§ Exercise requirements
Return exactly the span of lines in the following data that opens with the line containing "face 15 sketch curve = 42 mm" and closes with the line containing "face 23 sketch curve = 42 mm". Include nothing else.

Records from a data collection
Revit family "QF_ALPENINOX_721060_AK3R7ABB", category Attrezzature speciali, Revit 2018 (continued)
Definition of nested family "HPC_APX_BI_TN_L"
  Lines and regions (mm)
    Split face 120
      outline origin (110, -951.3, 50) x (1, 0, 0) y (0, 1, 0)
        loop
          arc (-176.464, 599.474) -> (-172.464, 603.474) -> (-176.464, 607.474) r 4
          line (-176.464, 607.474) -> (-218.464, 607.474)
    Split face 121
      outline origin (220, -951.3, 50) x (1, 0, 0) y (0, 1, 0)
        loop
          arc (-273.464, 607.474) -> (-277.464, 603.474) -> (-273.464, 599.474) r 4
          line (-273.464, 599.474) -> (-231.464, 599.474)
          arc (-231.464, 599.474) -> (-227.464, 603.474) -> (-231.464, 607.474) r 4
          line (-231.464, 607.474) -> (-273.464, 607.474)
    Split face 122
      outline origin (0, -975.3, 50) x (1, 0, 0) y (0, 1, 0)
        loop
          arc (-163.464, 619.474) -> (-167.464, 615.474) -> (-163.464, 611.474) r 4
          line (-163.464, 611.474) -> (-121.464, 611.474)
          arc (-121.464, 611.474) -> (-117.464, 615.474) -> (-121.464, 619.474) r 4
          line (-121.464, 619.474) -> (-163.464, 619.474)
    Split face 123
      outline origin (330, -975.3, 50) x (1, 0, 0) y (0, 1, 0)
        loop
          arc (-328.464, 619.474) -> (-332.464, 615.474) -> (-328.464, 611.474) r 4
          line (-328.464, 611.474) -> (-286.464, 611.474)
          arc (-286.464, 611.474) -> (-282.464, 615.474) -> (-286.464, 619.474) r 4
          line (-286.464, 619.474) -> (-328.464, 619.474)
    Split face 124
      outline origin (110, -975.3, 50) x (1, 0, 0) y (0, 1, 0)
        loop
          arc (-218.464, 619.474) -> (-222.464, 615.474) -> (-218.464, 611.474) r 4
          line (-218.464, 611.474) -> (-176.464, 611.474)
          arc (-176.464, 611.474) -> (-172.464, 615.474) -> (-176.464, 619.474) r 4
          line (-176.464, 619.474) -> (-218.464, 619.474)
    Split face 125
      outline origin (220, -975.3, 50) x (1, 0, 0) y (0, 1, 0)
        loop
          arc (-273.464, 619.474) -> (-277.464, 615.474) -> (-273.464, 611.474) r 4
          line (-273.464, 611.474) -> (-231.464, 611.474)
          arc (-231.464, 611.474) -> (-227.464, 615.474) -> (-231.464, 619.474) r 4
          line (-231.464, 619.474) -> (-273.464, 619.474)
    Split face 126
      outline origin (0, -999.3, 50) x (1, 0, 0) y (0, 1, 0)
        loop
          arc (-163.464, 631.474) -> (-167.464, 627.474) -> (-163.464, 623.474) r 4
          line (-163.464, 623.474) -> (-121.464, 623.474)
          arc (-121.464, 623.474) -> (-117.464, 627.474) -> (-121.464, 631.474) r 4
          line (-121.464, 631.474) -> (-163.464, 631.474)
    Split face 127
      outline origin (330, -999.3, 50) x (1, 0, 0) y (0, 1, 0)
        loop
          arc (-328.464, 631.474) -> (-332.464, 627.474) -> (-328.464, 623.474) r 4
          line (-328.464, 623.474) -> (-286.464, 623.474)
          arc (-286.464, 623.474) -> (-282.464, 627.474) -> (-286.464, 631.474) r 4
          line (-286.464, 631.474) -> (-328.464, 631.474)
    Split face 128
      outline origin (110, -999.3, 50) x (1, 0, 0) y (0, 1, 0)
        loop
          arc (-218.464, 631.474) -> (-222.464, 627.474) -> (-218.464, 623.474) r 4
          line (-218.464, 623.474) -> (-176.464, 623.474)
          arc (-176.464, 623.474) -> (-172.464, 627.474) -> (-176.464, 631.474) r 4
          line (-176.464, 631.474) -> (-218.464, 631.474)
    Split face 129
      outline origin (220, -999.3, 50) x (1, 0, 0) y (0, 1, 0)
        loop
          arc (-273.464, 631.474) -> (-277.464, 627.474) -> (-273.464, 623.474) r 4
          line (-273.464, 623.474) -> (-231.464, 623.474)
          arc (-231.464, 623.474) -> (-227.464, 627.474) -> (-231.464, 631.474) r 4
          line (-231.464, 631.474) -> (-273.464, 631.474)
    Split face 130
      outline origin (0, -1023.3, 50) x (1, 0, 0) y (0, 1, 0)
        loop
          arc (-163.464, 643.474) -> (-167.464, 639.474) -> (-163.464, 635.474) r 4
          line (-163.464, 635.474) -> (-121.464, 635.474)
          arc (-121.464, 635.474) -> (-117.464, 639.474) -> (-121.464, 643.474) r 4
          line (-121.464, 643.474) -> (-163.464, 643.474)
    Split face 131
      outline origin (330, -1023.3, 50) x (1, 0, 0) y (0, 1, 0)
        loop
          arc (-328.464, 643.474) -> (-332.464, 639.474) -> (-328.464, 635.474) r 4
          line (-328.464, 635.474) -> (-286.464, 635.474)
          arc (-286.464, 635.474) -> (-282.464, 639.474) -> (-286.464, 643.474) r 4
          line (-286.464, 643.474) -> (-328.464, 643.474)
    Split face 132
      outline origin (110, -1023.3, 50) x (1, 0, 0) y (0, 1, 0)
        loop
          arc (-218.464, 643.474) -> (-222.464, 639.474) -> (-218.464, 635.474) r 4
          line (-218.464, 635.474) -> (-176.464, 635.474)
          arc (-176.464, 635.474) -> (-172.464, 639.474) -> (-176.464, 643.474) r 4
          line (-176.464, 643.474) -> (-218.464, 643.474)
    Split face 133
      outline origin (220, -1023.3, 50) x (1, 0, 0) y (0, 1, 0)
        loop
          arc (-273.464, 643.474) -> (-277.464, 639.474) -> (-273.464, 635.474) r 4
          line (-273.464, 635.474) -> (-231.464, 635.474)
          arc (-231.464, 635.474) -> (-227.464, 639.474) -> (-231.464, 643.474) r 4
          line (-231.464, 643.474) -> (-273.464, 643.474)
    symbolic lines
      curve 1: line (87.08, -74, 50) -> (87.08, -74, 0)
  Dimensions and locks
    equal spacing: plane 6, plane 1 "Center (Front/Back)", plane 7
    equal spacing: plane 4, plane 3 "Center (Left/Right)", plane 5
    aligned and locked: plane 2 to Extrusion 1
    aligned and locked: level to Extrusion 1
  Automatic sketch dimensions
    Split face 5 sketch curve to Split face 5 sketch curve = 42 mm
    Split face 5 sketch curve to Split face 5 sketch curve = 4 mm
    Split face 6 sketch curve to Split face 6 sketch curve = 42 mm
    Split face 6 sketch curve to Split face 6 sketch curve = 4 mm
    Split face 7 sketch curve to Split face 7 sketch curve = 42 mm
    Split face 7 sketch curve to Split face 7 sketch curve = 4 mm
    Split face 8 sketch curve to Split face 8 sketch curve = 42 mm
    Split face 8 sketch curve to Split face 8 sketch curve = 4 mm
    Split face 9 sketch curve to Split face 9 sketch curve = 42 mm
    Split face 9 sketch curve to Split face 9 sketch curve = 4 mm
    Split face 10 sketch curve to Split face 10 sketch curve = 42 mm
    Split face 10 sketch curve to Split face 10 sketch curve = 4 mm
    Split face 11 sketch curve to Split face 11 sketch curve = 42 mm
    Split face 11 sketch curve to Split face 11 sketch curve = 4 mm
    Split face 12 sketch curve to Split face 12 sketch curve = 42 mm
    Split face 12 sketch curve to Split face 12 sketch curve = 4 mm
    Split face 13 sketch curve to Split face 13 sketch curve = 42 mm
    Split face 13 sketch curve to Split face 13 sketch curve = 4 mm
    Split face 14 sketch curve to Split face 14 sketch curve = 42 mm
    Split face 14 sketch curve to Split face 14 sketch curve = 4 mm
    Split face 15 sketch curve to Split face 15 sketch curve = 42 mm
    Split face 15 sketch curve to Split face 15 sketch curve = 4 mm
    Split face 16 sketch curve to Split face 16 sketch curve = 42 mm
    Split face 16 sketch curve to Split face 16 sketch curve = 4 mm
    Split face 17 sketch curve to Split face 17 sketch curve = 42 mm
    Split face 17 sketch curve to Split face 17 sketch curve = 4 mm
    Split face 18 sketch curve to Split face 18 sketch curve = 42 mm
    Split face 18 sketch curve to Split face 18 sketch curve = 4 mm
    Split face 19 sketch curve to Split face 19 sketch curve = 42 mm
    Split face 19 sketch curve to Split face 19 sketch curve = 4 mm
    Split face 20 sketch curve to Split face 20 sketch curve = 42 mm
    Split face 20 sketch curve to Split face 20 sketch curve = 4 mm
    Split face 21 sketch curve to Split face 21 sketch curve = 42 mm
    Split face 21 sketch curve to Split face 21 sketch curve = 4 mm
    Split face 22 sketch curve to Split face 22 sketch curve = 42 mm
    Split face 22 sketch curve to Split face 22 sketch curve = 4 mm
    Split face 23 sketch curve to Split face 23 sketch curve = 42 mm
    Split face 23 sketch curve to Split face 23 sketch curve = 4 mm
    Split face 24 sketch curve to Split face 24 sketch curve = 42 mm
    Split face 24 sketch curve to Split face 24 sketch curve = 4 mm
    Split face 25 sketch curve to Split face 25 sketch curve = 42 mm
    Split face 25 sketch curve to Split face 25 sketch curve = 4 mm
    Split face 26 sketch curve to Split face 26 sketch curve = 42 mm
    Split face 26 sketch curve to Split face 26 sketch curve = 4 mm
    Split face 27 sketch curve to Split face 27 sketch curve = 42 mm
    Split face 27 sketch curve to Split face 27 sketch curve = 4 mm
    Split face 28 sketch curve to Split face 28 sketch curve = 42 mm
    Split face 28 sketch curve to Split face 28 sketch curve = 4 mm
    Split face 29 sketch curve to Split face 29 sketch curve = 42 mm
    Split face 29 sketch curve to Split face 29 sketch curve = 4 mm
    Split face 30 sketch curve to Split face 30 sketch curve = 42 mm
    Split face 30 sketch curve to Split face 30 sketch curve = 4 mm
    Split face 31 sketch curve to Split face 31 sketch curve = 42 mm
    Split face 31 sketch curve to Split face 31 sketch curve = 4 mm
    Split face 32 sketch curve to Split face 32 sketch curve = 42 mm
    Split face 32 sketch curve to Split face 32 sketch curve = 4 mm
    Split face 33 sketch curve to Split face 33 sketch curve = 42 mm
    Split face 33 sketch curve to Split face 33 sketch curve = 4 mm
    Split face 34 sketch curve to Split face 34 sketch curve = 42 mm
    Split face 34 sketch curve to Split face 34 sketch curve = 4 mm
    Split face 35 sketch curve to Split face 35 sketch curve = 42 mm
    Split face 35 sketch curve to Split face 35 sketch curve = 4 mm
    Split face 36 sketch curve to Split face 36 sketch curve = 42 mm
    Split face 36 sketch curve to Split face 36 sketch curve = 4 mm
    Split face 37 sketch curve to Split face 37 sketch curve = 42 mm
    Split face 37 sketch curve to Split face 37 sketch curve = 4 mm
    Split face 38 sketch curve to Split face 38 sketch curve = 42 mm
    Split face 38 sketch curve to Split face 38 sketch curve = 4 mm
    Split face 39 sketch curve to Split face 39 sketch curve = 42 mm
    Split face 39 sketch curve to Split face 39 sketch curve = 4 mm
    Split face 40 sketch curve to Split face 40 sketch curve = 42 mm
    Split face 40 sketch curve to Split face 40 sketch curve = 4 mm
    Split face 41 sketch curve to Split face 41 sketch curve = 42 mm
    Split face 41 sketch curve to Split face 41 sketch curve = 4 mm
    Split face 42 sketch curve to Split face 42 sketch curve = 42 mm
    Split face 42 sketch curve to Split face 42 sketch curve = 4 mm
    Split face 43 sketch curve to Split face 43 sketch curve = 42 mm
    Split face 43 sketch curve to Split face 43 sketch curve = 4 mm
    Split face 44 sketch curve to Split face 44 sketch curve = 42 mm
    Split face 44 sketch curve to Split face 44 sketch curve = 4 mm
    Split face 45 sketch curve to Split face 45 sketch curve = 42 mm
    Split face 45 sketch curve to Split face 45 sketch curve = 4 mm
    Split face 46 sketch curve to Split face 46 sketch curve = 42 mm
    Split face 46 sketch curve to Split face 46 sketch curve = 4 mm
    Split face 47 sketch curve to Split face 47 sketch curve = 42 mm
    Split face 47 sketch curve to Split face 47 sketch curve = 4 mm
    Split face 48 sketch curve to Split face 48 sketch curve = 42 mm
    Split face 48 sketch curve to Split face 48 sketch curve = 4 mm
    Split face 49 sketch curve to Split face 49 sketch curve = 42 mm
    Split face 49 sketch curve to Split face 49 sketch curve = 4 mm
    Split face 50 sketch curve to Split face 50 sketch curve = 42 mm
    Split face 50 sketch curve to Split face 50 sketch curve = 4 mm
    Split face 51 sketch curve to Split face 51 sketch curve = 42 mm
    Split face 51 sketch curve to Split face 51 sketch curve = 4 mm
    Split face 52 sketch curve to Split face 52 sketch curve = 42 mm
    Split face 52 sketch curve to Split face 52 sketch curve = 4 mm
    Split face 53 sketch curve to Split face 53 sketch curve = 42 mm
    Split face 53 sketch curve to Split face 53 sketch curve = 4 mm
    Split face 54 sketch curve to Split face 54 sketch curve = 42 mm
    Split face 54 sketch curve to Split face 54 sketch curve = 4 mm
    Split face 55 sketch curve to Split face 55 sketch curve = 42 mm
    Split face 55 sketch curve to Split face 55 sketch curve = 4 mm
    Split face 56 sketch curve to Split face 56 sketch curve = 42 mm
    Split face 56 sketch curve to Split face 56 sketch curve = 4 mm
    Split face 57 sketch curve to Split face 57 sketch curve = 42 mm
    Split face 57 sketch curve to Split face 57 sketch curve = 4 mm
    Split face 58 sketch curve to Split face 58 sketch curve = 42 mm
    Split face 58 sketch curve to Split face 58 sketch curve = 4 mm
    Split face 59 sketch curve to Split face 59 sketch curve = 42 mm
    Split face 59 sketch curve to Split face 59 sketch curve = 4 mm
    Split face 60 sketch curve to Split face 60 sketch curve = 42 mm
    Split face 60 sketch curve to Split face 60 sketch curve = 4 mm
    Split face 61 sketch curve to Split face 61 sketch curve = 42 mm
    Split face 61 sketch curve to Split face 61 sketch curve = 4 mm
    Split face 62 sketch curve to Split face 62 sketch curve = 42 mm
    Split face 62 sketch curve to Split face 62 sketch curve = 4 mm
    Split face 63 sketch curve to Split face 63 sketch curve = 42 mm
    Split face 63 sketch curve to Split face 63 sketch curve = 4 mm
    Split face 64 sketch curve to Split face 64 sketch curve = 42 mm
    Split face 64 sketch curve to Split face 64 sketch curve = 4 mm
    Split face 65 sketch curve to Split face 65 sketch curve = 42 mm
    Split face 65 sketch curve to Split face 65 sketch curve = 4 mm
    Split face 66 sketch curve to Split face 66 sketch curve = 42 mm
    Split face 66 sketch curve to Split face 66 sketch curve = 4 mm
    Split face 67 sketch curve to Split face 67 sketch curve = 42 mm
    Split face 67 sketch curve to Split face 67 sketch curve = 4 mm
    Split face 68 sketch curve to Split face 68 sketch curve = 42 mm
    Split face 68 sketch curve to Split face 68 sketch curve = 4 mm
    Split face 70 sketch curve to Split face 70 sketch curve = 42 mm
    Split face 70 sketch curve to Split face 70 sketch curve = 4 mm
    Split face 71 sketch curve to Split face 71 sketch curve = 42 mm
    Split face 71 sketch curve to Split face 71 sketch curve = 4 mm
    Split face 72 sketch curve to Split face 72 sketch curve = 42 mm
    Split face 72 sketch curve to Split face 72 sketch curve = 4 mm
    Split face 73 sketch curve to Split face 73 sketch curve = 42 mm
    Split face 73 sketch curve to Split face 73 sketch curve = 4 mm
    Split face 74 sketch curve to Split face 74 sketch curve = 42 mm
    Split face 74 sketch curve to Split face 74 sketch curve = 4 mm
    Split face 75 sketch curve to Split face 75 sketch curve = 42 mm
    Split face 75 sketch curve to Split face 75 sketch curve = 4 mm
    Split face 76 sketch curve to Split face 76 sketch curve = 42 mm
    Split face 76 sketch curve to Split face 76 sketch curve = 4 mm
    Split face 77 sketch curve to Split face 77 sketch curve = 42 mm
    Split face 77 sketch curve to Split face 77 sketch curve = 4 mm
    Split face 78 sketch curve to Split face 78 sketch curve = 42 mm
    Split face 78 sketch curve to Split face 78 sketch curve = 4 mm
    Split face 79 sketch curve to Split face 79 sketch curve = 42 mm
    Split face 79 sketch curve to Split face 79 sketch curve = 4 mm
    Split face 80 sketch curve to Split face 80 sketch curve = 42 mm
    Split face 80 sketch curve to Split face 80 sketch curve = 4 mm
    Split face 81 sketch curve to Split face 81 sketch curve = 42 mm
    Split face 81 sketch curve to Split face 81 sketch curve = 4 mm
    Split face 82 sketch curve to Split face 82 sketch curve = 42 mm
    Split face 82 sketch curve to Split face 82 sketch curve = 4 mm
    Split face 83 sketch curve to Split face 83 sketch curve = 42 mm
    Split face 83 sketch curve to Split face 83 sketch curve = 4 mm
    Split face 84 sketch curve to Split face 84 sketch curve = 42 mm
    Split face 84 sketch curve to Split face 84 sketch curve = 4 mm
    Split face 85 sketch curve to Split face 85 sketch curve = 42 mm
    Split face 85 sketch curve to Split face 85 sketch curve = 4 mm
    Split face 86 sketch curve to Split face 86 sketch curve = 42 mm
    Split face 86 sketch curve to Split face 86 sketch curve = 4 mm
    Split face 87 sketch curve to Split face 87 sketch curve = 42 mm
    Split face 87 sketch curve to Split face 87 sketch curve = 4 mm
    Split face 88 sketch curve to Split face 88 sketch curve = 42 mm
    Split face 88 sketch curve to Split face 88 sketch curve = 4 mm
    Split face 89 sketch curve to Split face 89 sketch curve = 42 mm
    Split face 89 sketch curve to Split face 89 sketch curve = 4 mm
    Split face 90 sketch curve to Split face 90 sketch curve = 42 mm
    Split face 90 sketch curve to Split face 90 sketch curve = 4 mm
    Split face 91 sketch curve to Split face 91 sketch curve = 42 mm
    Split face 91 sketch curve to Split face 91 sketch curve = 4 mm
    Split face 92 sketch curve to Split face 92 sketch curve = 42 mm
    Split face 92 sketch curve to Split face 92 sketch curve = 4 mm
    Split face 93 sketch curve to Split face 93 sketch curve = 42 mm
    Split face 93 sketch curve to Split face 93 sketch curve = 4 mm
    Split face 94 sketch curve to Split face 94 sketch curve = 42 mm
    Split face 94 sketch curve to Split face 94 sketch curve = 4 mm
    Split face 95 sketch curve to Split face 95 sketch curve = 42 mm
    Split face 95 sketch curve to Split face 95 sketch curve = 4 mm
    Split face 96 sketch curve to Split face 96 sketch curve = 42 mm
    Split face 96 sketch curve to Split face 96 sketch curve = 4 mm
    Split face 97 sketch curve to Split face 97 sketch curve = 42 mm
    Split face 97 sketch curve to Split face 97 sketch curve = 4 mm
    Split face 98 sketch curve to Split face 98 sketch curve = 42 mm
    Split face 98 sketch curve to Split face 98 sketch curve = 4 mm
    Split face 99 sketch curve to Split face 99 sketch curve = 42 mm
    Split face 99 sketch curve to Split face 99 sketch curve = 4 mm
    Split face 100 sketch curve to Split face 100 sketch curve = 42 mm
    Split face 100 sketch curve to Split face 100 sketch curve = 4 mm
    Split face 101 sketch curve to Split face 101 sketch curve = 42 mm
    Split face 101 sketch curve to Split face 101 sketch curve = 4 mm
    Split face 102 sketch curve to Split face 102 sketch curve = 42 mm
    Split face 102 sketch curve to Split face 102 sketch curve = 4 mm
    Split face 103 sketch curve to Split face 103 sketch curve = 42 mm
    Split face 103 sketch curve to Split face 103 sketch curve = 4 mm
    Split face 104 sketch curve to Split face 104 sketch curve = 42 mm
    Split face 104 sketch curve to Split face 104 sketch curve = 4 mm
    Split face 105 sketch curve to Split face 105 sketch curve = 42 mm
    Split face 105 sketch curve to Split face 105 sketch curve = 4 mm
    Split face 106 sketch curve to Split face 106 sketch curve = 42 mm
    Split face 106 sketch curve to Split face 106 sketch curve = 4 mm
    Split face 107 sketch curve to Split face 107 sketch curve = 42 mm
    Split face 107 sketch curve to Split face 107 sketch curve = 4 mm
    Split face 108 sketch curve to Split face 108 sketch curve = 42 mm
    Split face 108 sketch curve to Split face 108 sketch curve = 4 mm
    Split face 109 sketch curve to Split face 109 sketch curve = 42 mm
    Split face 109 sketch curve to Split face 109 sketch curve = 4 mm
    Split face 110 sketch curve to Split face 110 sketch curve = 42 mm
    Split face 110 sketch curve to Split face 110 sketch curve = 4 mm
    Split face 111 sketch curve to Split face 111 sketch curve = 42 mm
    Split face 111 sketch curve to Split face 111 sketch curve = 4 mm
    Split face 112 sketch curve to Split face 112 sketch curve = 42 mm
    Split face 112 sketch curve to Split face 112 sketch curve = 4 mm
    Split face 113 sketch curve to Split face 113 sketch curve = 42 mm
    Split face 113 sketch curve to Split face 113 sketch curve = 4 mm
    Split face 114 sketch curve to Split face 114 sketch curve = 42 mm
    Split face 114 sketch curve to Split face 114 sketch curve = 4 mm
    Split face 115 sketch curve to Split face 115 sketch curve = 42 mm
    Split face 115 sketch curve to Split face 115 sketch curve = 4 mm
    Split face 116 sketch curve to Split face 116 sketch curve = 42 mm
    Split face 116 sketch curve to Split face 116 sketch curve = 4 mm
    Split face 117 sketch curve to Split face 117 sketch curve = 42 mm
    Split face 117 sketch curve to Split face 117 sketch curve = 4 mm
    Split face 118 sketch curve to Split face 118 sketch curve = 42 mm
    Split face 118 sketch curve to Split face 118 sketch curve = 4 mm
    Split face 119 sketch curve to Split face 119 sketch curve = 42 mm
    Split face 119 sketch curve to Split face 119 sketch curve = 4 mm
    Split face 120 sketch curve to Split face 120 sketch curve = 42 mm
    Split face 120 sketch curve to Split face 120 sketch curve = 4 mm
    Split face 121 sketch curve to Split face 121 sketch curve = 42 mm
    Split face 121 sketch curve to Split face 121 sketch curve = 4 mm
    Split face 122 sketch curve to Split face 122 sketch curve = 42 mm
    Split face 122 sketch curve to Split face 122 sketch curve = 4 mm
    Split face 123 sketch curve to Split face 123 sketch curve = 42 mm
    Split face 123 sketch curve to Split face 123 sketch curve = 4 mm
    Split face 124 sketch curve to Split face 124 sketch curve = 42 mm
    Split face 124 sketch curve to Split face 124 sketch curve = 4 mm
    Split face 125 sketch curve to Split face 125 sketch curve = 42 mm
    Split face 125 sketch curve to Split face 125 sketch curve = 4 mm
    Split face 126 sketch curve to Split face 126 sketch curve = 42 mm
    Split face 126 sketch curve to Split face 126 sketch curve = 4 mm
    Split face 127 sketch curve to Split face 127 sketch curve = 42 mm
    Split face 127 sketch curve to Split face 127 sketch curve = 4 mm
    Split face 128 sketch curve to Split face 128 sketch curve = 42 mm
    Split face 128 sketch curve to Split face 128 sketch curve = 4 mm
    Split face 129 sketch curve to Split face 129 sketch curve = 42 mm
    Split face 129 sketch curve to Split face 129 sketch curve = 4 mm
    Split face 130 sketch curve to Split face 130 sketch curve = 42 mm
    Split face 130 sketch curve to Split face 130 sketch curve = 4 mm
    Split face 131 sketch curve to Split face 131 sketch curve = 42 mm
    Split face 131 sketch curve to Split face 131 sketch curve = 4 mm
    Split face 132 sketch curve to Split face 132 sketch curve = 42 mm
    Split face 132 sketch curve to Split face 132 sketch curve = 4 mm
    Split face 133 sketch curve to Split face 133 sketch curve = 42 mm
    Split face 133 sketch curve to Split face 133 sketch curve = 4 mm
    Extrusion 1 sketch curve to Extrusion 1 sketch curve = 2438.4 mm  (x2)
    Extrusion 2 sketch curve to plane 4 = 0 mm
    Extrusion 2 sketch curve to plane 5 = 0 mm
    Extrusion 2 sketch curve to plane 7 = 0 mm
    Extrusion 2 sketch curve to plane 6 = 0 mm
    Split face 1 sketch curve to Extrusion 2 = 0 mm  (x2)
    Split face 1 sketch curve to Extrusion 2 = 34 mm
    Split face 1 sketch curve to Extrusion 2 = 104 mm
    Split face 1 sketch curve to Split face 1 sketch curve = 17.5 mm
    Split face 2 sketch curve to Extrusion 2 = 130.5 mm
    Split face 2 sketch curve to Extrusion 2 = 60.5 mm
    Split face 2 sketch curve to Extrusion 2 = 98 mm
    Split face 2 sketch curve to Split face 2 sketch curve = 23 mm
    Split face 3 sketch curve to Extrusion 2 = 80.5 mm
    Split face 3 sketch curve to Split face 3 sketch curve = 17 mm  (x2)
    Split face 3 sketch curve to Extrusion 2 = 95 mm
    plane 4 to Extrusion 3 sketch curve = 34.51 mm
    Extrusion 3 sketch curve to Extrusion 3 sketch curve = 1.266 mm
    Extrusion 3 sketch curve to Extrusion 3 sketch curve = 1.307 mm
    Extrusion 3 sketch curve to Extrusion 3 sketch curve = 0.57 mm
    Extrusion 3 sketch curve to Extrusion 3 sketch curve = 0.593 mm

§ Solution to this problem
    Split face 15 sketch curve to Split face 15 sketch curve = 42 mm
    Split face 15 sketch curve to Split face 15 sketch curve = 4 mm
    Split face 16 sketch curve to Split face 16 sketch curve = 42 mm
    Split face 16 sketch curve to Split face 16 sketch curve = 4 mm
    Split face 17 sketch curve to Split face 17 sketch curve = 42 mm
    Split face 17 sketch curve to Split face 17 sketch curve = 4 mm
    Split face 18 sketch curve to Split face 18 sketch curve = 42 mm
    Split face 18 sketch curve to Split face 18 sketch curve = 4 mm
    Split face 19 sketch curve to Split face 19 sketch curve = 42 mm
    Split face 19 sketch curve to Split face 19 sketch curve = 4 mm
    Split face 20 sketch curve to Split face 20 sketch curve = 42 mm
    Split face 20 sketch curve to Split face 20 sketch curve = 4 mm
    Split face 21 sketch curve to Split face 21 sketch curve = 42 mm
    Split face 21 sketch curve to Split face 21 sketch curve = 4 mm
    Split face 22 sketch curve to Split face 22 sketch curve = 42 mm
    Split face 22 sketch curve to Split face 22 sketch curve = 4 mm
    Split face 23 sketch curve to Split face 23 sketch curve = 42 mm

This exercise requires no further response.